● Task brief: Nothing in the data should be left out, so repeat it all exactly.

[Extracted data entries]
══════════════════════════════
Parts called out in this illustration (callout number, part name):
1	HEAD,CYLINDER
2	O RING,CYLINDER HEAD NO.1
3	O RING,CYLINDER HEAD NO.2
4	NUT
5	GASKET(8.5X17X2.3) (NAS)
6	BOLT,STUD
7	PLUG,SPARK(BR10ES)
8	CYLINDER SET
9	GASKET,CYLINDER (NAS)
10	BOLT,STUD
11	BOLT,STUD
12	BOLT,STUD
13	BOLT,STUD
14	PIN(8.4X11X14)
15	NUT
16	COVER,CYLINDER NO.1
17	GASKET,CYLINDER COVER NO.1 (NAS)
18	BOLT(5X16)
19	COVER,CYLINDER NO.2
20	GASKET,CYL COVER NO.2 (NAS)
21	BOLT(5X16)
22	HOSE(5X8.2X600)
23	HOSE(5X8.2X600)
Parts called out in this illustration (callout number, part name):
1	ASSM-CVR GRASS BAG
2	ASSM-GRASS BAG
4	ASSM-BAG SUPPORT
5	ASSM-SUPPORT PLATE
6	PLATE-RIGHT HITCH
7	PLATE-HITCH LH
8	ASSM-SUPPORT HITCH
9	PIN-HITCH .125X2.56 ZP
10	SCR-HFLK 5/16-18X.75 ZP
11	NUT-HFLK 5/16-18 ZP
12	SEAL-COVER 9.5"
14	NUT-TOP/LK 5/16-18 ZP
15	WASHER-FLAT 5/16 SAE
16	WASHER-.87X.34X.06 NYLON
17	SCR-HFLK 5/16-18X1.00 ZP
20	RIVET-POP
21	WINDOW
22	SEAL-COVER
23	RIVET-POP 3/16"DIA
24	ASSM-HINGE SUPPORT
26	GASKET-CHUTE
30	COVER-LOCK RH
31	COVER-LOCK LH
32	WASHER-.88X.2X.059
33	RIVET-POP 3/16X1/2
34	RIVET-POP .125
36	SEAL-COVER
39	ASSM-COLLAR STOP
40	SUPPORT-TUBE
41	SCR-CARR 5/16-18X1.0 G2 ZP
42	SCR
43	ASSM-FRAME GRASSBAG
══════════════════════════════
● Written answer:
Parts called out in this illustration (callout number, part name):
1	HEAD,CYLINDER
2	O RING,CYLINDER HEAD NO.1
3	O RING,CYLINDER HEAD NO.2
4	NUT
5	GASKET(8.5X17X2.3) (NAS)
6	BOLT,STUD
7	PLUG,SPARK(BR10ES)
8	CYLINDER SET
9	GASKET,CYLINDER (NAS)
10	BOLT,STUD
11	BOLT,STUD
12	BOLT,STUD
13	BOLT,STUD
14	PIN(8.4X11X14)
15	NUT
16	COVER,CYLINDER NO.1
17	GASKET,CYLINDER COVER NO.1 (NAS)
18	BOLT(5X16)
19	COVER,CYLINDER NO.2
20	GASKET,CYL COVER NO.2 (NAS)
21	BOLT(5X16)
22	HOSE(5X8.2X600)
23	HOSE(5X8.2X600)
Parts called out in this illustration (callout number, part name):
1	ASSM-CVR GRASS BAG
2	ASSM-GRASS BAG
4	ASSM-BAG SUPPORT
5	ASSM-SUPPORT PLATE
6	PLATE-RIGHT HITCH
7	PLATE-HITCH LH
8	ASSM-SUPPORT HITCH
9	PIN-HITCH .125X2.56 ZP
10	SCR-HFLK 5/16-18X.75 ZP
11	NUT-HFLK 5/16-18 ZP
12	SEAL-COVER 9.5"
14	NUT-TOP/LK 5/16-18 ZP
15	WASHER-FLAT 5/16 SAE
16	WASHER-.87X.34X.06 NYLON
17	SCR-HFLK 5/16-18X1.00 ZP
20	RIVET-POP
21	WINDOW
22	SEAL-COVER
23	RIVET-POP 3/16"DIA
24	ASSM-HINGE SUPPORT
26	GASKET-CHUTE
30	COVER-LOCK RH
31	COVER-LOCK LH
32	WASHER-.88X.2X.059
33	RIVET-POP 3/16X1/2
34	RIVET-POP .125
36	SEAL-COVER
39	ASSM-COLLAR STOP
40	SUPPORT-TUBE
41	SCR-CARR 5/16-18X1.0 G2 ZP
42	SCR
43	ASSM-FRAME GRASSBAG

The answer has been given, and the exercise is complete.